*** DATA FOR THE TASK ***
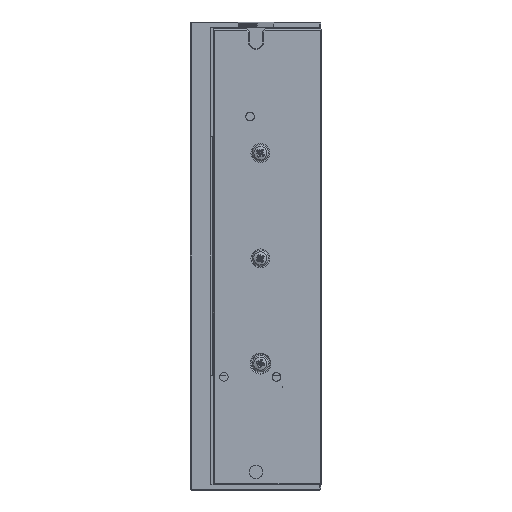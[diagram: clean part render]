
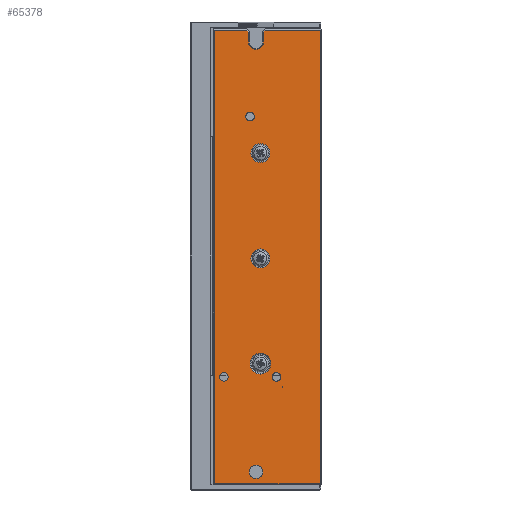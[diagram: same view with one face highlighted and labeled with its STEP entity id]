
A CAD part, front view. The second image highlights one B-rep face of the part: STEP entity #65378.
In plain terms, the highlighted planar face has unit normal (0, -1, 0).
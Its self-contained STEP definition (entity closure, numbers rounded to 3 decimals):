
#5373=FACE_BOUND('',#10188,.T.);
#5374=FACE_BOUND('',#10189,.T.);
#5375=FACE_BOUND('',#10190,.T.);
#5376=FACE_BOUND('',#10191,.T.);
#5377=FACE_BOUND('',#10192,.T.);
#5378=FACE_BOUND('',#10193,.T.);
#5379=FACE_BOUND('',#10194,.T.);
#5380=FACE_BOUND('',#10195,.T.);
#5729=CIRCLE('',#68517,3.55);
#5735=CIRCLE('',#68526,3.25);
#5739=CIRCLE('',#68532,3.25);
#5740=CIRCLE('',#68534,2.25);
#5742=CIRCLE('',#68538,2.55);
#5743=CIRCLE('',#68539,1.5);
#5744=CIRCLE('',#68540,1.5);
#5745=CIRCLE('',#68541,1.5);
#5746=CIRCLE('',#68542,1.5);
#7142=FACE_OUTER_BOUND('',#10187,.T.);
#10187=EDGE_LOOP('',(#47522,#47523,#47524,#47525,#47526,#47527,#47528,#47529,
#47530,#47531));
#10188=EDGE_LOOP('',(#47532));
#10189=EDGE_LOOP('',(#47533));
#10190=EDGE_LOOP('',(#47534));
#10191=EDGE_LOOP('',(#47535));
#10192=EDGE_LOOP('',(#47536));
#10193=EDGE_LOOP('',(#47537));
#10194=EDGE_LOOP('',(#47538,#47539));
#10195=EDGE_LOOP('',(#47540));
#13642=LINE('',#89521,#21365);
#13644=LINE('',#89529,#21367);
#13650=LINE('',#89542,#21373);
#13660=LINE('',#89591,#21383);
#13674=LINE('',#89654,#21397);
#13675=LINE('',#89655,#21398);
#13676=LINE('',#89657,#21399);
#13677=LINE('',#89659,#21400);
#13678=LINE('',#89661,#21401);
#13679=LINE('',#89664,#21402);
#21365=VECTOR('',#73252,36.2);
#21367=VECTOR('',#73260,155.);
#21373=VECTOR('',#73274,155.);
#21383=VECTOR('',#73322,0.159);
#21397=VECTOR('',#73388,0.883);
#21398=VECTOR('',#73389,11.026);
#21399=VECTOR('',#73390,18.826);
#21400=VECTOR('',#73391,0.883);
#21401=VECTOR('',#73392,3.376);
#21402=VECTOR('',#73395,3.376);
#29045=VERTEX_POINT('',#89518);
#29046=VERTEX_POINT('',#89520);
#29049=VERTEX_POINT('',#89527);
#29052=VERTEX_POINT('',#89541);
#29065=VERTEX_POINT('',#89588);
#29066=VERTEX_POINT('',#89590);
#29071=VERTEX_POINT('',#89606);
#29077=VERTEX_POINT('',#89622);
#29081=VERTEX_POINT('',#89633);
#29082=VERTEX_POINT('',#89637);
#29088=VERTEX_POINT('',#89652);
#29089=VERTEX_POINT('',#89653);
#29090=VERTEX_POINT('',#89656);
#29091=VERTEX_POINT('',#89658);
#29092=VERTEX_POINT('',#89660);
#29093=VERTEX_POINT('',#89662);
#29094=VERTEX_POINT('',#89665);
#29095=VERTEX_POINT('',#89667);
#29096=VERTEX_POINT('',#89669);
#37075=EDGE_CURVE('',#29046,#29045,#13642,.T.);
#37079=EDGE_CURVE('',#29049,#29045,#13644,.T.);
#37087=EDGE_CURVE('',#29046,#29052,#13650,.T.);
#37110=EDGE_CURVE('',#29066,#29065,#13660,.T.);
#37119=EDGE_CURVE('',#29071,#29071,#5729,.T.);
#37125=EDGE_CURVE('',#29077,#29077,#5735,.T.);
#37130=EDGE_CURVE('',#29081,#29081,#5739,.T.);
#37132=EDGE_CURVE('',#29082,#29082,#5740,.T.);
#37139=EDGE_CURVE('',#29088,#29089,#13674,.T.);
#37140=EDGE_CURVE('',#29088,#29052,#13675,.T.);
#37141=EDGE_CURVE('',#29049,#29090,#13676,.T.);
#37142=EDGE_CURVE('',#29091,#29090,#13677,.T.);
#37143=EDGE_CURVE('',#29092,#29091,#13678,.T.);
#37144=EDGE_CURVE('',#29093,#29092,#5742,.T.);
#37145=EDGE_CURVE('',#29089,#29093,#13679,.T.);
#37146=EDGE_CURVE('',#29094,#29094,#5743,.T.);
#37147=EDGE_CURVE('',#29095,#29095,#5744,.T.);
#37148=EDGE_CURVE('',#29096,#29096,#5745,.T.);
#37149=EDGE_CURVE('',#29065,#29066,#5746,.T.);
#47522=ORIENTED_EDGE('',*,*,#37139,.F.);
#47523=ORIENTED_EDGE('',*,*,#37140,.T.);
#47524=ORIENTED_EDGE('',*,*,#37087,.F.);
#47525=ORIENTED_EDGE('',*,*,#37075,.T.);
#47526=ORIENTED_EDGE('',*,*,#37079,.F.);
#47527=ORIENTED_EDGE('',*,*,#37141,.T.);
#47528=ORIENTED_EDGE('',*,*,#37142,.F.);
#47529=ORIENTED_EDGE('',*,*,#37143,.F.);
#47530=ORIENTED_EDGE('',*,*,#37144,.F.);
#47531=ORIENTED_EDGE('',*,*,#37145,.F.);
#47532=ORIENTED_EDGE('',*,*,#37146,.T.);
#47533=ORIENTED_EDGE('',*,*,#37147,.T.);
#47534=ORIENTED_EDGE('',*,*,#37148,.T.);
#47535=ORIENTED_EDGE('',*,*,#37132,.T.);
#47536=ORIENTED_EDGE('',*,*,#37130,.T.);
#47537=ORIENTED_EDGE('',*,*,#37125,.T.);
#47538=ORIENTED_EDGE('',*,*,#37110,.T.);
#47539=ORIENTED_EDGE('',*,*,#37149,.T.);
#47540=ORIENTED_EDGE('',*,*,#37119,.F.);
#63164=PLANE('',#68537);
#65378=ADVANCED_FACE('',(#7142,#5373,#5374,#5375,#5376,#5377,#5378,#5379,
#5380),#63164,.T.);
#68517=AXIS2_PLACEMENT_3D('',#89608,#73339,#73340);
#68526=AXIS2_PLACEMENT_3D('',#89623,#73357,#73358);
#68532=AXIS2_PLACEMENT_3D('',#89634,#73370,#73371);
#68534=AXIS2_PLACEMENT_3D('',#89638,#73375,#73376);
#68537=AXIS2_PLACEMENT_3D('',#89651,#73386,#73387);
#68538=AXIS2_PLACEMENT_3D('',#89663,#73393,#73394);
#68539=AXIS2_PLACEMENT_3D('',#89666,#73396,#73397);
#68540=AXIS2_PLACEMENT_3D('',#89668,#73398,#73399);
#68541=AXIS2_PLACEMENT_3D('',#89670,#73400,#73401);
#68542=AXIS2_PLACEMENT_3D('',#89671,#73402,#73403);
#73252=DIRECTION('',(1.,0.,0.));
#73260=DIRECTION('',(0.,0.,-1.));
#73274=DIRECTION('',(0.,0.,1.));
#73322=DIRECTION('',(0.,0.,1.));
#73339=DIRECTION('center_axis',(0.,-1.,0.));
#73340=DIRECTION('ref_axis',(0.,0.,
-1.));
#73357=DIRECTION('center_axis',(0.,1.,0.));
#73358=DIRECTION('ref_axis',(0.,0.,
-1.));
#73370=DIRECTION('center_axis',(0.,1.,0.));
#73371=DIRECTION('ref_axis',(0.,0.,
-1.));
#73375=DIRECTION('center_axis',(0.,1.,0.));
#73376=DIRECTION('ref_axis',(0.,0.,
-1.));
#73386=DIRECTION('center_axis',(0.,-1.,0.));
#73387=DIRECTION('ref_axis',(1.,0.,0.));
#73388=DIRECTION('',(0.707,0.,-0.707));
#73389=DIRECTION('',(-1.,0.,0.));
#73390=DIRECTION('',(-1.,0.,0.));
#73391=DIRECTION('',(0.707,0.,0.707));
#73392=DIRECTION('',(0.,0.,1.));
#73393=DIRECTION('center_axis',(0.,-1.,0.));
#73394=DIRECTION('ref_axis',(-1.,0.,0.));
#73395=DIRECTION('',(0.,0.,-1.));
#73396=DIRECTION('center_axis',(0.,1.,0.));
#73397=DIRECTION('ref_axis',(0.,0.,
-1.));
#73398=DIRECTION('center_axis',(0.,1.,0.));
#73399=DIRECTION('ref_axis',(0.,0.,
-1.));
#73400=DIRECTION('center_axis',(0.,1.,0.));
#73401=DIRECTION('ref_axis',(0.,0.,
-1.));
#73402=DIRECTION('center_axis',(0.,1.,0.));
#73403=DIRECTION('ref_axis',(0.,0.,
1.));
#89518=CARTESIAN_POINT('',(4.499,0.,-38.998));
#89520=CARTESIAN_POINT('',(-31.701,0.,-38.998));
#89521=CARTESIAN_POINT('',(-13.701,0.,-38.998));
#89527=CARTESIAN_POINT('',(4.499,0.,116.002));
#89529=CARTESIAN_POINT('',(4.499,0.,-39.498));
#89541=CARTESIAN_POINT('',(-31.701,0.,116.002));
#89542=CARTESIAN_POINT('',(-31.701,0.,-39.498));
#89588=CARTESIAN_POINT('',(-8.503,0.,-5.919));
#89590=CARTESIAN_POINT('',(-8.503,0.,-6.078));
#89591=CARTESIAN_POINT('',(-8.503,0.,-8.529));
#89606=CARTESIAN_POINT('',(-16.001,0.,5.552));
#89608=CARTESIAN_POINT('Origin',(-16.001,0.,
2.002));
#89622=CARTESIAN_POINT('',(-16.001,0.,41.252));
#89623=CARTESIAN_POINT('Origin',(-16.001,0.,
38.002));
#89633=CARTESIAN_POINT('',(-16.001,0.,77.252));
#89634=CARTESIAN_POINT('Origin',(-16.001,0.,
74.002));
#89637=CARTESIAN_POINT('',(-17.501,0.,-32.748));
#89638=CARTESIAN_POINT('Origin',(-17.501,0.,
-34.998));
#89651=CARTESIAN_POINT('Origin',(-32.201,0.,
-39.498));
#89652=CARTESIAN_POINT('',(-20.675,0.,116.002));
#89653=CARTESIAN_POINT('',(-20.051,0.,115.377));
#89654=CARTESIAN_POINT('',(15.425,0.,79.902));
#89655=CARTESIAN_POINT('',(-13.701,0.,116.002));
#89656=CARTESIAN_POINT('',(-14.326,0.,116.002));
#89657=CARTESIAN_POINT('',(-13.701,0.,116.002));
#89658=CARTESIAN_POINT('',(-14.951,0.,115.377));
#89659=CARTESIAN_POINT('',(-57.776,0.,72.552));
#89660=CARTESIAN_POINT('',(-14.951,0.,112.002));
#89661=CARTESIAN_POINT('',(-14.951,0.,38.502));
#89662=CARTESIAN_POINT('',(-20.051,0.,112.002));
#89663=CARTESIAN_POINT('Origin',(-17.501,0.,
112.002));
#89664=CARTESIAN_POINT('',(-20.051,0.,36.252));
#89665=CARTESIAN_POINT('',(-28.501,0.,-0.998));
#89666=CARTESIAN_POINT('Origin',(-28.501,0.,
-2.498));
#89667=CARTESIAN_POINT('',(-10.501,0.,-0.998));
#89668=CARTESIAN_POINT('Origin',(-10.501,0.,
-2.498));
#89669=CARTESIAN_POINT('',(-19.501,0.,88.002));
#89670=CARTESIAN_POINT('Origin',(-19.501,0.,
86.502));
#89671=CARTESIAN_POINT('Origin',(-10.001,0.,
-5.998));
*** End of DATA FOR THE TASK ***
> [ASSIGNMENT]
Leave out any pictures and return exactly the lines from the beginning of the data through the line with "#5377=FACE_BOUND('',#10192,.T.);", inclusive.

> [ANSWER TO THIS EXERCISE]
[diagram: clean part render]
[diagram: same view with one face highlighted and labeled with its STEP entity id]
A CAD part, front view. The second image highlights one B-rep face of the part: STEP entity #65378.
In plain terms, the highlighted planar face has unit normal (0, -1, 0).
Its self-contained STEP definition (entity closure, numbers rounded to 3 decimals):
#5373=FACE_BOUND('',#10188,.T.);
#5374=FACE_BOUND('',#10189,.T.);
#5375=FACE_BOUND('',#10190,.T.);
#5376=FACE_BOUND('',#10191,.T.);
#5377=FACE_BOUND('',#10192,.T.);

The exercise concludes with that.